# Lots of money, what's the best router and table?



## Hankstains (Apr 4, 2005)

Hi Guys,
spent a lot of time looking through this site last night and got a lot of good info. Routing really is better than sex....nearly!!!The overall opinion i think is that the best thing to do with a table is spend as much as you can afford and get the best.
This being the case, and reading and looking around, I think a good combo would be a *Woodpecker unilift * router plate and lifter along with either a *dewalt 625 * or *makita 3126c*.

Still not sure of the best Fence??

Any thoughts or advice on other systems?.... or would this be the envy of the forum.
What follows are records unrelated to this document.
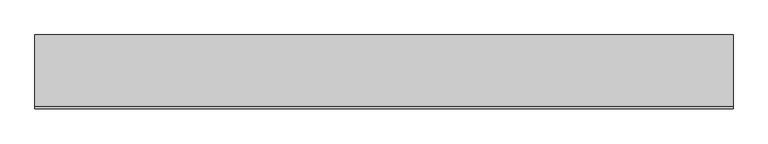
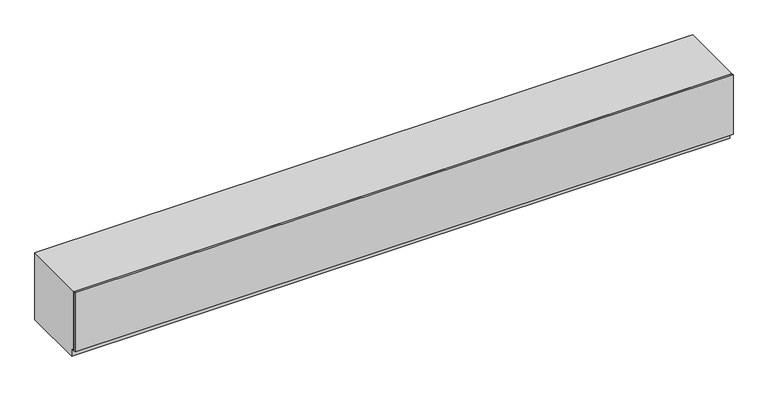
"""IFC4 building model written with IfcOpenShell, lengths in millimetres: furniture geometry, OD_CW_Base Cabinet : OD_CW_Base Cabinet."""

from ifc_helpers import new_model, si_unit, frame, origin, place, context, project, spatial, polyline, outline, extrude, source, transform, mapped, element, save


def furniture_2298d4ce(model_context):
    return source(origin(), model_context, "Body", "SweptSolid", [
        extrude(outline(polyline([(18.7377049, -228.6), (8167.5056128, -228.6), (8167.5056128, -254.0), (18.7377049, -254.0), (18.7377049, -228.6)])), frame((0.0, 0.0, 101.6), z_axis=(0.0, 0.0, 1.0), x_axis=(1.0, 0.0, 0.0)), (0.0, 0.0, 1.0), 774.7),
        extrude(outline(polyline([(-228.6, 876.3), (609.6, 876.3), (609.6, 0.0), (-177.8, 0.0), (-177.8, 101.6), (-228.6, 101.6), (-228.6, 876.3)])), frame((18.7377049, 0.0, 0.0), z_axis=(1.0, 0.0, 0.0), x_axis=(0.0, 1.0, 0.0)), (0.0, 0.0, 1.0), 8148.7679079),
    ])


if __name__ == "__main__":
    model = new_model("IFC4")
    model_context = context("Model", 3, world=origin())
    ifc_project = project(units=[si_unit("LENGTHUNIT", "METRE", prefix="MILLI")], contexts=[model_context])
    site = spatial("IfcSite", under=ifc_project)
    building = spatial("IfcBuilding", under=site)
    placement = place(None, origin())
    furniture_shape = furniture_2298d4ce(model_context)
    element("IfcFurniture", 1, ObjectType="OD_CW_Base Cabinet : OD_CW_Base Cabinet", at=placement, inside=building, context=model_context, shape_type="MappedRepresentation", body=[
        mapped(furniture_shape, transform((0.0, 0.0, 0.0), x_axis=(1.0, 0.0, 0.0), y_axis=(0.0, 1.0, 0.0), z_axis=(0.0, 0.0, 1.0))),
    ])
    save(model, "model.ifc")

# Revit data of these elements
# Type "OD_CW_Base Cabinet : OD_CW_Base Cabinet"
#   OD_CW_Width [instance default] = 2' - 10"
#   OD_CW_Length [instance default] = 8' - 0"
#   OD_CW_Height [instance default] = 2' - 3"
#   Depth = 2' - 0"
#   Height = 3' - 0"
#   Width = 4' - 0"
#   OD_CW_Material_Front Panel [instance default] = none
#   OD_CW_Material_Body [instance default] = none
# Element 1 (IfcFurniture, "OD_CW_Base Cabinet : OD_CW_Base Cabinet")
#   OD_CW_Length = 26' - 8.81763"
#   OD_CW_Height = 2' - 10 1/2"
#   OD_CW_Material_Front Panel = WOOD-OAKFIRE
#   OD_CW_Material_Body = WOOD-OAKFIRE
#   Materials on its faces: "WOOD-OAKFIRE"
# Materials
#   "WOOD-OAKFIRE": class "Wood", colour RGB 198 202 183, transparency 0, Description = "Generic wood", Cost = 0

I was going to get a shaper but do not use it all day non stop, and with the new laws on chip limiters etc, the cutters are starting to get too expensive, this being so I have a budget of £500.00 / 800$ so this should give me a good table way under budget.

The reason i have not thought of porter cable or other good american makes of router is the voltage. i am here in the Uk and everything has to be 230V

Cheers and look forward to your thoughts

Pete


----------



## Mike (Nov 22, 2004)

Pete, hands down the best router table is the one you take the time to build yourself. If you browse through the articles on homemade tables you will find many excellent solutions. The trick is to design the table so it does what you need, not what somebody else thinks is right. One of the members built his large table top out of HDPE, perfect for routing the acrylic sheets he works with the most. Several have built theirs with home made router lifts. A couple have used the tilting top design. What do they all have in common? Their tables fit their needs to a T and they have the pride of having built them.


----------



## Mark (Aug 4, 2004)

As far as table, I'd have to suggest the Oak-Park one. Mainly because I'm familiar with their product and they have a very solid table.

http://www.oak-park.com


----------



## DONALD (Sep 12, 2004)

I think Mike has given you good advice. Build your own table and make it as simple as you can and still do the things you want. Put your money in the router and a few good bits. Order a plate with a template...........some dealers will drill the plate to fit your router. If you buy a router with above the table adjustment you wont need a lift. You will learn what features you need from using your shop built router and you can incorporate them into a simple table.


----------



## Hankstains (Apr 4, 2005)

Hi, great advice,
It is very easy to buy a table that is good for someone else.
Sorry, I may have misled you all a bit,
I had intended to build my own, but as i will need to buy a router table insert, i thought i may as well get the best, is that the woodpecker.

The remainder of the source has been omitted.